Мариэтта Сергеевна по узкой крутой лестнице повела меня на свою мансарду. Здесь была ее библиотека. Я должен сказать, что такой библиотеки нигде более не встречал. Ей позавидовала бы любая городская библиотека.

Шагинян куда-то торопилась, нельзя было терять ни минуты. Мы уселись за круглый стол. Без обиняков я приступил к делу, но Шагинян медлила с ответом. Она все время смотрела на мои “пустые” руки.

– А где у вас орудия производства? – наконец спросила она. Я кинулся шарить но карманам, но в них, как на зло, не оказалось ни ручки, ни огрызка карандаша. Не оказалось при мне и записной книжки.

Мариэтта Сергеевна спустилась по лестнице, через минуту вернулась, неся в руках толстую тетрадь и карандаш. Передав их мне, она заметила:

– Никогда не расставайтесь с записной книжкой. Не давайте пропасть тому, что вы увидели, узнали. Писатель без записной книжки – не серьезный писатель.

Этот очередной урок-головомойку я принял как должное и навсегда запомнил…

Наши записки о Мариэтте Шагинян, были бы неполными, если мы не рассказали бы еще и о таком эпизоде, новой головомойке.

Мариэтта Сергеевна не любит, когда к ней приходят без предупреждения. Это нарушает ее распорядок дня. Впрочем, не так легко нарушить рабочий день Шагинян. Такого “нарушителя” она просто выпроваживает за дверь.

Получилось так, что такой “жертвой” оказался я. Я пришел к Шагинян, заранее не испросив ее согласия.

Мариэтта Сергеевна встретила меня в штыки. Она ругала меня последними словами за непрошенный визит, но обиды не было. На Мариэтту Шагинян трудно обижаться.

– Ну, хорошо, заходи, – пригласила она, – садись и выкладывай с чем пришел. Даю пять минут.

Она даже поставила перед моим носом будильник с выпуклым стеклом над циферблатом. Я уложился в регламент, но уйти не смог. Узнав, что я только что из Армении, Шагинян живо принялась расспрашивать меня обо всем. Она задавала мне тысячу вопросов. Я отвечал на них с ужасом поглядывая на циферблат. Стрелка показывала три часа. Я пришел в двенадцать.

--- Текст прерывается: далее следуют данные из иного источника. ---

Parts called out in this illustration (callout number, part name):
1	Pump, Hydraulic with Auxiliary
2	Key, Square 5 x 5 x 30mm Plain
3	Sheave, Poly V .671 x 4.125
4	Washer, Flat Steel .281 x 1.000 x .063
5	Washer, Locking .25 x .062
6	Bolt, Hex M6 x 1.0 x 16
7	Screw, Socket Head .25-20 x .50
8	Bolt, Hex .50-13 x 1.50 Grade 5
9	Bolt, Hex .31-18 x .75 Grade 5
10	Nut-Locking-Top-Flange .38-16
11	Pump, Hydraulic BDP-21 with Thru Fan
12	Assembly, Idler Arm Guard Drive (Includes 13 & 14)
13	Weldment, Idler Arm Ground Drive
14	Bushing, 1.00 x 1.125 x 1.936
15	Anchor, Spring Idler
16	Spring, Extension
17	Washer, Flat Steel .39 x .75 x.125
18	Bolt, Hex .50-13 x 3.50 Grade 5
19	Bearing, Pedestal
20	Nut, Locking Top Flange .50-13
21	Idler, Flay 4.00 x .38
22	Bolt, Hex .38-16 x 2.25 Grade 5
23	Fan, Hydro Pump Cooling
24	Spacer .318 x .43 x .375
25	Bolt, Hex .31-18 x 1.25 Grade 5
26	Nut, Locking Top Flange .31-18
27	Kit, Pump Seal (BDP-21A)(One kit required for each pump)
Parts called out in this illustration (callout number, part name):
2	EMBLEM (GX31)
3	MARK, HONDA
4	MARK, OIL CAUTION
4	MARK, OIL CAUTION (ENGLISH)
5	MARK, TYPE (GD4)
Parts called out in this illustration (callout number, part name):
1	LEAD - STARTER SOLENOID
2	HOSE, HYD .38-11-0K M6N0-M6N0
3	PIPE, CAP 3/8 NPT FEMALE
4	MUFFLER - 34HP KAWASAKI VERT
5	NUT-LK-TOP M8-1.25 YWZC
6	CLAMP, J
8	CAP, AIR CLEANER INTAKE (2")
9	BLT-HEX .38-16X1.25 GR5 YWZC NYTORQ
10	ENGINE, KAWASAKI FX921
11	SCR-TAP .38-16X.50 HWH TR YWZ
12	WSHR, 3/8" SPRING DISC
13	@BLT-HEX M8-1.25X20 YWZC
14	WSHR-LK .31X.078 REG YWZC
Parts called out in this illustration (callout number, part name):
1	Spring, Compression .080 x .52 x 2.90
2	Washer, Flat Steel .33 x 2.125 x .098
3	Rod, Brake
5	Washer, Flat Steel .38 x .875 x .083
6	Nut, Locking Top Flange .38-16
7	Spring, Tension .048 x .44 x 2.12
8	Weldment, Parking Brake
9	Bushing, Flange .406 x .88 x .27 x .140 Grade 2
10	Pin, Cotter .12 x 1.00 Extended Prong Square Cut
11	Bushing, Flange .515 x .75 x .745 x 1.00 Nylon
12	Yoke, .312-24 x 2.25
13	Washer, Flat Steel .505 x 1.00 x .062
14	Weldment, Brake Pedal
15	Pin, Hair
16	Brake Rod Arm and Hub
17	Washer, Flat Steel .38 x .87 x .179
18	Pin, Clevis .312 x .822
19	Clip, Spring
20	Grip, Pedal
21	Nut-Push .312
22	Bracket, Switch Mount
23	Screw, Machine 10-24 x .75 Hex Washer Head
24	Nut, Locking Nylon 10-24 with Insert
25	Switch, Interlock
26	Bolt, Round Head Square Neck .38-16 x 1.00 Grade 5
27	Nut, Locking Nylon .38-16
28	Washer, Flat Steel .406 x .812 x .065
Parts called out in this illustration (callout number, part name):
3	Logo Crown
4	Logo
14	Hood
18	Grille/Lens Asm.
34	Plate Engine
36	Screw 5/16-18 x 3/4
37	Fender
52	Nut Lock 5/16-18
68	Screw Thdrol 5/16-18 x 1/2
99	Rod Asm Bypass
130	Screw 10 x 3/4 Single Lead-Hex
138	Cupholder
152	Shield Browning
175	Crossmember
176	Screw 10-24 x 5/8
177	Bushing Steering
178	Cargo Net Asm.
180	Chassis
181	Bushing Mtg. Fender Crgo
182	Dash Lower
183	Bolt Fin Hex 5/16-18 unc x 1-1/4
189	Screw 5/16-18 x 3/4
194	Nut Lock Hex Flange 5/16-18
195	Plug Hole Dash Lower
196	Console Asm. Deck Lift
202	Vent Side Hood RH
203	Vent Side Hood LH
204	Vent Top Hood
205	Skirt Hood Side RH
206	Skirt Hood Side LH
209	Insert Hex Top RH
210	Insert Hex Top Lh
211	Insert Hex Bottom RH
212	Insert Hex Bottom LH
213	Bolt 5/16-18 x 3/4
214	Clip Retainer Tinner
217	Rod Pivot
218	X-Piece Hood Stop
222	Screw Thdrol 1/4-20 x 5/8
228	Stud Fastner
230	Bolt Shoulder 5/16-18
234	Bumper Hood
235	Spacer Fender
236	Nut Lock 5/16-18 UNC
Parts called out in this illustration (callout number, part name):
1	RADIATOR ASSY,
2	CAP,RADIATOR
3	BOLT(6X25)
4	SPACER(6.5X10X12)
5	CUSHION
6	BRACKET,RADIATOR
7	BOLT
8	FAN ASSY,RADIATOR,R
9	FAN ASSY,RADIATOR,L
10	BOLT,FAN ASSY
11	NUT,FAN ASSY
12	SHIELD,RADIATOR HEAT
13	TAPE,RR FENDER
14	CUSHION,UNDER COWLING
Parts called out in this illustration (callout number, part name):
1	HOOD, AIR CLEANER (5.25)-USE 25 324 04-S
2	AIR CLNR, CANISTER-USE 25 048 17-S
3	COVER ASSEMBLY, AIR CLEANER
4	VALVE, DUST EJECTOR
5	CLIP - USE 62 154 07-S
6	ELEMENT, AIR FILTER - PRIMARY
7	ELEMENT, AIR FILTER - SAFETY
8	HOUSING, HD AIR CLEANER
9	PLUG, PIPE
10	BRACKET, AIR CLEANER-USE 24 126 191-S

Мариэтта Сергеевна наконец спохватилась.

– Разбойник! Варвар! Что ты сделал со мной! Обокрал меня на целых три часа!

На девятом десятке лет писательница, как и прежде, полна сил, бодрости, готовности к новым и новым маршрутам по странам мира. И на девятом десятке лет, отмеченная самой высокой наградой в нашей стране, наградой, носящей имя Ленина, она не подвела итоги, пишет свои “Воспоминания”, читатели “Нового мира”, где она публикует их, с благодаоностью берут в руки номера журналов с “Воспоминаниями”, каждый раз удивляясь и радуясь свежести и неиссякаемой энергии этого большого, яркого, нестареющего, умного таланта.

А тем, кто сробирается интервьюировать Мариэтту Сергеевну, я посоветовал бы являться к ней в форме, ничего дома не забывать из того, что называется “орудием производства”. Иначе вы рискуете нарваться на хорошую взбучку – Мариэтта Сергеевга не утратила и способности устраивать головомойки. А лучше всего не ходить не интервьюировать, не мешать.

Она занята, она работает.

Был у Мариэтты Сергеевны Шагинян на даче в Переделкино. Ей перевалило за 92, не видит, но по винтовой лестнице поднимается в кабинет без чужой помощи. Живет одна. Обед ей несут из кухни Дома творчества, а завтрак-ужин готовит себе сама.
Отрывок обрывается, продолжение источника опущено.